#### Problem details:
Copy all lines below that use the word "rounded".

#### Dataset items:
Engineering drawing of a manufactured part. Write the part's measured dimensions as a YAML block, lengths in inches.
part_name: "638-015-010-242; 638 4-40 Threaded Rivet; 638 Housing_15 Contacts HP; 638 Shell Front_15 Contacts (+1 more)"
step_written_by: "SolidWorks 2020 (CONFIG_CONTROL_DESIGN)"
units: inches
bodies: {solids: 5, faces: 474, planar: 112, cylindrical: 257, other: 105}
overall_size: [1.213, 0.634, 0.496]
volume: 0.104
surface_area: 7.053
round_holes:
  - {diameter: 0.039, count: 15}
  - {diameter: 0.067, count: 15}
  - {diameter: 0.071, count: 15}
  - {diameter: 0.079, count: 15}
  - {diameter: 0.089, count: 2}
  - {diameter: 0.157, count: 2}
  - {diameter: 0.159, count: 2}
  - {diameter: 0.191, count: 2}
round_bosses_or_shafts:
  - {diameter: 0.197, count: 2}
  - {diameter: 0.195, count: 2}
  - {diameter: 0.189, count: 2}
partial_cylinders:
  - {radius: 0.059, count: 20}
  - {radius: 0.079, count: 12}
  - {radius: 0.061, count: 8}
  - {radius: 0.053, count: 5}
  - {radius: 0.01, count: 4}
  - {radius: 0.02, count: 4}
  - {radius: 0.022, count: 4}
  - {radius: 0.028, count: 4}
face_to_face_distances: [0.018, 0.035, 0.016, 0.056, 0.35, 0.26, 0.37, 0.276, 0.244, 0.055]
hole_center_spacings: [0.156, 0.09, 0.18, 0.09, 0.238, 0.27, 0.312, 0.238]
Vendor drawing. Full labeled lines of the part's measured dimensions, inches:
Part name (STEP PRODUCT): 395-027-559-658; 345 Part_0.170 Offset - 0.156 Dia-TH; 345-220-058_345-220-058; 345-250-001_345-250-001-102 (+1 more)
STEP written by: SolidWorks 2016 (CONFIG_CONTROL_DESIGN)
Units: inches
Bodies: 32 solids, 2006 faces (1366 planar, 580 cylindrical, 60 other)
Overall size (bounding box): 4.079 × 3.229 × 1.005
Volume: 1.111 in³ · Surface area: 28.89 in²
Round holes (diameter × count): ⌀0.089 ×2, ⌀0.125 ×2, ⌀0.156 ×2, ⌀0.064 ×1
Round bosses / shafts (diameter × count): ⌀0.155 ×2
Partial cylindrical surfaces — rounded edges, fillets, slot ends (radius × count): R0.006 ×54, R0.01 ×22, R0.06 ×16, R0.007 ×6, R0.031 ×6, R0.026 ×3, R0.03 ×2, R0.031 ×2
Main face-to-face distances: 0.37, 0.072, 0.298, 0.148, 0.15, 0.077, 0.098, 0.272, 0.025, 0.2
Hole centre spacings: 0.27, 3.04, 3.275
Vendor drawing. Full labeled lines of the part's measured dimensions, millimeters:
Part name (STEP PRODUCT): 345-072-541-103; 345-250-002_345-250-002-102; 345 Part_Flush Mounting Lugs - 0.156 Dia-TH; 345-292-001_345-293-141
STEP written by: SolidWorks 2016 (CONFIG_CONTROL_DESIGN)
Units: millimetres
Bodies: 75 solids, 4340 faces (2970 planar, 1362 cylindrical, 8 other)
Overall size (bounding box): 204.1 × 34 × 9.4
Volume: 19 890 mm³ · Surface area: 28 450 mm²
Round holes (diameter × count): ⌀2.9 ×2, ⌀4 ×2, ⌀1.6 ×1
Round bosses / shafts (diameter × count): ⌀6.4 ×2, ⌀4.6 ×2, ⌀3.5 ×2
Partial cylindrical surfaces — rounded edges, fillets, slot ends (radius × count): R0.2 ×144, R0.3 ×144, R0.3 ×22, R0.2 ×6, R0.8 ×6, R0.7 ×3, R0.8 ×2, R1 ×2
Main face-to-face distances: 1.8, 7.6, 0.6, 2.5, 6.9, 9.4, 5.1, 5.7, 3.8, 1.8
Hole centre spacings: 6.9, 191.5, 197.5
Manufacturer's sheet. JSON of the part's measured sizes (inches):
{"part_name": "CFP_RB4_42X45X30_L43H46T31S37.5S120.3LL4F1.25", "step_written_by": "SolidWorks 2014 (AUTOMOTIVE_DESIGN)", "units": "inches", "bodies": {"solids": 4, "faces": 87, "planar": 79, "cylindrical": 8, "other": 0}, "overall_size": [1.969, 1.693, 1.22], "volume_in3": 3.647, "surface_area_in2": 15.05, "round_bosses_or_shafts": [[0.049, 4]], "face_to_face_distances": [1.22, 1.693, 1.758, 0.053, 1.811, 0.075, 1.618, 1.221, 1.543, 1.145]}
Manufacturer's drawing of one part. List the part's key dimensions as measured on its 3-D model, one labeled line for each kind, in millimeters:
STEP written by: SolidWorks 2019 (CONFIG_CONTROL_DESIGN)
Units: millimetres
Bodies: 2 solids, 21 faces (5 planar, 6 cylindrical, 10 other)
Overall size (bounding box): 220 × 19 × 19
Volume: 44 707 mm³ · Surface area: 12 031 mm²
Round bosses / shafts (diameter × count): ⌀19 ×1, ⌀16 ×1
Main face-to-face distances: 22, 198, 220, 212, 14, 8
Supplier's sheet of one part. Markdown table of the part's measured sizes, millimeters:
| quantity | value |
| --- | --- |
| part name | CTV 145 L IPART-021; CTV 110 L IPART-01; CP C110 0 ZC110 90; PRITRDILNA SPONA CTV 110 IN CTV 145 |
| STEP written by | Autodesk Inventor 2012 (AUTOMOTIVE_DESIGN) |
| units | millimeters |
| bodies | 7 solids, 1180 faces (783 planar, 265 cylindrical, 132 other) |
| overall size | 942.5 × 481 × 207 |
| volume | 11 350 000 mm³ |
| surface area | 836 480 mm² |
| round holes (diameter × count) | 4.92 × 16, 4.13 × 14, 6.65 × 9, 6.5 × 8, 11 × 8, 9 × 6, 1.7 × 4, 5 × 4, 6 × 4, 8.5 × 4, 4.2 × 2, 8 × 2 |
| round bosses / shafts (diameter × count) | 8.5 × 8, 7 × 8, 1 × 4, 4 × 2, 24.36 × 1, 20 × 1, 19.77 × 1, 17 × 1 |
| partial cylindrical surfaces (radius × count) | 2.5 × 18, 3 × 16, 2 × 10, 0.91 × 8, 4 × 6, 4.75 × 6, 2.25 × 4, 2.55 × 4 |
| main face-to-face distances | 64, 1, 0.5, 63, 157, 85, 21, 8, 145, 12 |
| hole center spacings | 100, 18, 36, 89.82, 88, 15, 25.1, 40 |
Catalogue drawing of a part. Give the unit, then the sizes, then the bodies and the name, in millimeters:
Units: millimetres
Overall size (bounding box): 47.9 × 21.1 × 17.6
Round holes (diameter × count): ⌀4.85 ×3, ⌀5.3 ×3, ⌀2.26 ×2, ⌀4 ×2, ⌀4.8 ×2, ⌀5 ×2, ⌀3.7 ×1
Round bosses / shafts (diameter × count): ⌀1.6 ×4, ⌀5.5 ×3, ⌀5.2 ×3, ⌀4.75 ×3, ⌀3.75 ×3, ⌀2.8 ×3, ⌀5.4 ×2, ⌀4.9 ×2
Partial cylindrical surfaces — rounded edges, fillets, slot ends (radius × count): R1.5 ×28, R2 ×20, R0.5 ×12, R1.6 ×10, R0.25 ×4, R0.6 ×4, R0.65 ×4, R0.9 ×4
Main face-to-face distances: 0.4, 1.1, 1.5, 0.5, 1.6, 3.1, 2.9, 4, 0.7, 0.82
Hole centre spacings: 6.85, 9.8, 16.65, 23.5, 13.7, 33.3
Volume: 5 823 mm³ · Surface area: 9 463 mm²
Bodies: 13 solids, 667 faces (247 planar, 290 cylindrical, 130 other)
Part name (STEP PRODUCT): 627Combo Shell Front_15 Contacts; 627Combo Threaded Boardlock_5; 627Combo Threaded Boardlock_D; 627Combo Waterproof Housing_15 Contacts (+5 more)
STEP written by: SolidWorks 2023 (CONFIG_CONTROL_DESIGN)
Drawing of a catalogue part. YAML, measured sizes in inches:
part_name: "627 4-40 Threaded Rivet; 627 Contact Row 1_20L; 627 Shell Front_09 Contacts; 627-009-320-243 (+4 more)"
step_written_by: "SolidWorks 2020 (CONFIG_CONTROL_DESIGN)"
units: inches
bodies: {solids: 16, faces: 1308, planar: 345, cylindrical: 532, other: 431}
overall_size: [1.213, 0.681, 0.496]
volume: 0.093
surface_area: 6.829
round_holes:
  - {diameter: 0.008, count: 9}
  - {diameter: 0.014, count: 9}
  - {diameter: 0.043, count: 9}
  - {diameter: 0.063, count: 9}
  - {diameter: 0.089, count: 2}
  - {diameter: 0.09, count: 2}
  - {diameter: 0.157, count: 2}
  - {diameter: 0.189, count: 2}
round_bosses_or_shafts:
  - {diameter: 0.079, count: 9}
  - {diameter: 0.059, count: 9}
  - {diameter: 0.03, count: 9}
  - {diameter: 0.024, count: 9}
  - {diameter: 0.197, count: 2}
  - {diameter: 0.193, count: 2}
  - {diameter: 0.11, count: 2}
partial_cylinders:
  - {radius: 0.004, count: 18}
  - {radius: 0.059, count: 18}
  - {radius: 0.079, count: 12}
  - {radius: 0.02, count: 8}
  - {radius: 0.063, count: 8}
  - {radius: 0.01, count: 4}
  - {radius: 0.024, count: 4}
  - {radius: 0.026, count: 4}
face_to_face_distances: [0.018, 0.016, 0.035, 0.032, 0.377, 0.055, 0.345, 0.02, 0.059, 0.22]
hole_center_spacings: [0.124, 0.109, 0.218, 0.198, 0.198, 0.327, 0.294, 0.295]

#### Answer section:
Partial cylindrical surfaces — rounded edges, fillets, slot ends (radius × count): R0.006 ×54, R0.01 ×22, R0.06 ×16, R0.007 ×6, R0.031 ×6, R0.026 ×3, R0.03 ×2, R0.031 ×2
Partial cylindrical surfaces — rounded edges, fillets, slot ends (radius × count): R0.2 ×144, R0.3 ×144, R0.3 ×22, R0.2 ×6, R0.8 ×6, R0.7 ×3, R0.8 ×2, R1 ×2
Partial cylindrical surfaces — rounded edges, fillets, slot ends (radius × count): R1.5 ×28, R2 ×20, R0.5 ×12, R1.6 ×10, R0.25 ×4, R0.6 ×4, R0.65 ×4, R0.9 ×4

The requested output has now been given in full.